I just looked it up on the internet. What horrible little beasts! Did your vet say use the dewormer once a month? From what I am reading you treat and wait a few months and treat again and then again. They do stay the dogs can get re-infected with the eggs but I wonder if you can get by deworming every few months. What a horrible thing to deal with.


----------



## Ladywolfe (Jan 11, 2012)

That is a terrible thing to have to go through, and it could happen to anyone. I am just so sorry that it has happened to you. I am quickly learning a lot about different parasites and our dogs. We simply cannot avoid every situation where our pets may be exposed to something, and it could happen absolutely anywhere.

In all my (many) years, I didn't realize how important it was to be diligent about cleaning up my yard, and how upsetting it is that it seems like my neighbors, who have small yards, have taught their dogs to go in mine. I had a parasite issue, as well, and I'm learning to clean up more diligently, just in case. It helps, but there is not a whole lot more than disinfecting and cleaning up that I can do for my situation.

It is going to be a real pain do have to treat them so often and for so long. I am sure there is a less expensive way to accomplish this and that someone will chime in about that.

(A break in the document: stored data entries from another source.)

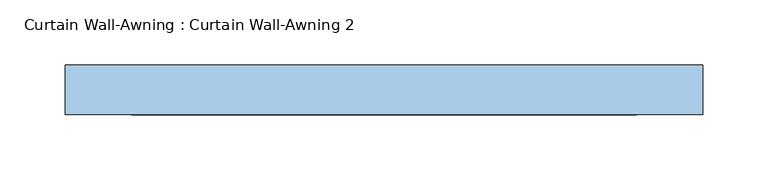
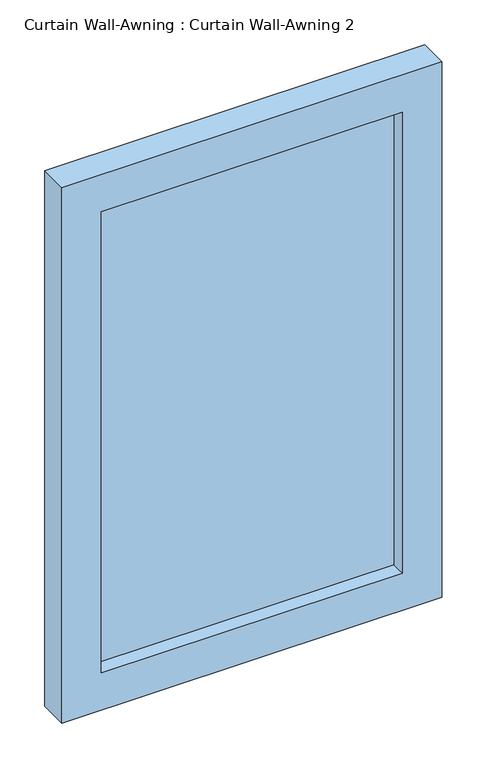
"""IFC4 building model written with IfcOpenShell, lengths in millimetres: window geometry, Curtain Wall-Awning : Curtain Wall-Awning 2."""

from ifc_helpers import new_model, si_unit, frame, origin, place, context, project, spatial, polyline, outline, extrude, source, transform, mapped, element, save


def curtain_wall_awning_curtain_wall_awning_2_a3e4abaf(model_context):
    return source(origin(), model_context, "Body", "SweptSolid", [
        extrude(outline(polyline([(193.5236095, -19.05), (-193.5236095, -19.05), (-193.5236095, -6.35), (193.5236095, -6.35), (193.5236095, -19.05)])), frame((0.0, 0.0, 50.8), z_axis=(0.0, 0.0, 1.0), x_axis=(1.0, 0.0, 0.0)), (0.0, 0.0, 1.0), 626.7580049),
        extrude(outline(polyline([(728.3580049, -244.3236095), (0.0, -244.3236095), (0.0, 244.3236095), (728.3580049, 244.3236095), (728.3580049, -244.3236095)]), holes=[polyline([(677.5580049, -193.5236095), (677.5580049, 193.5236095), (50.8, 193.5236095), (50.8, -193.5236095), (677.5580049, -193.5236095)])]), frame((0.0, -38.1, 0.0), z_axis=(0.0, 1.0, 0.0), x_axis=(0.0, 0.0, 1.0)), (0.0, 0.0, 1.0), 38.1),
    ])


if __name__ == "__main__":
    model = new_model("IFC4")
    model_context = context("Model", 3, world=origin())
    ifc_project = project(units=[si_unit("LENGTHUNIT", "METRE", prefix="MILLI")], contexts=[model_context])
    site = spatial("IfcSite", under=ifc_project)
    building = spatial("IfcBuilding", under=site)
    placement = place(None, origin())
    curtain_wall_awning_curtain_wall_awning_2_shape = curtain_wall_awning_curtain_wall_awning_2_a3e4abaf(model_context)
    element("IfcWindow", 1, ObjectType="Curtain Wall-Awning : Curtain Wall-Awning 2", at=placement, inside=building, context=model_context, shape_type="MappedRepresentation", body=[
        mapped(curtain_wall_awning_curtain_wall_awning_2_shape, transform((0.0, 0.0, 0.0), x_axis=(1.0, 0.0, 0.0), y_axis=(0.0, 1.0, 0.0), z_axis=(0.0, 0.0, 1.0))),
    ])
    save(model, "model.ifc")

In the end, I am sure you and I are both thankful that it was a treatable condition.


----------



## qtpoodle (Jan 15, 2012)

Sentinel and Interceptor work on whipworms. Panacur C also works on whipworms.


----------



## CharismaticMillie (Jun 16, 2010)

OH, duh. This makes more sense now. I can see how monthly worming for this particular worm would be more reasonable. That's probably why it's in sentinel/interceptor. I do use interceptor with my dogs.


----------



## vicky2200 (Feb 14, 2012)

I'm going to look into Sentinel. Currently, we use Revolution and our vet provides a free dewormer with that ( they complained to the company that other products deworm, so revolution pays for an additional dewormer, instead of losing business.) but the dewormer of course doesn't cover whip worm. Anyone use Sentinel? How do you like it? Any issues? We have had NO problem with revolution, but since we may be able to save money by changing, it may be the best solution.


----------



## bigpoodleperson (Jul 14, 2009)

Interceptor and Sentinel are currently unavailable, and there is no release date when they are coming back. There is a problem at the Novartis plant.  You will have to ask your vet what other heartworm meds cover whipworms (I am currently not in the loop for new products as everyone just used I/S for whips).
Whipworms are Nasty, and you pretty much have to nuke your yard to get rid of them. My coworker rescued a puppy with whips, and now her yard and other dogs are infected with it. She deworms them, and they have 1 negative stool sample right after, but always come back. Unless you bleach your yard, you will just have to keep deworming with the monthly maintance.


----------



## CharismaticMillie (Jun 16, 2010)

bigpoodleperson said:


> Interceptor and Sentinel are currently unavailable, and there is no release date when they are coming back. There is a problem at the Novartis plant.  You will have to ask your vet what other heartworm meds cover whipworms (I am currently not in the loop for new products as everyone just used I/S for whips).
> Whipworms are Nasty, and you pretty much have to nuke your yard to get rid of them. My coworker rescued a puppy with whips, and now her yard and other dogs are infected with it. She deworms them, and they have 1 negative stool sample right after, but always come back. Unless you bleach your yard, you will just have to keep deworming with the monthly maintance.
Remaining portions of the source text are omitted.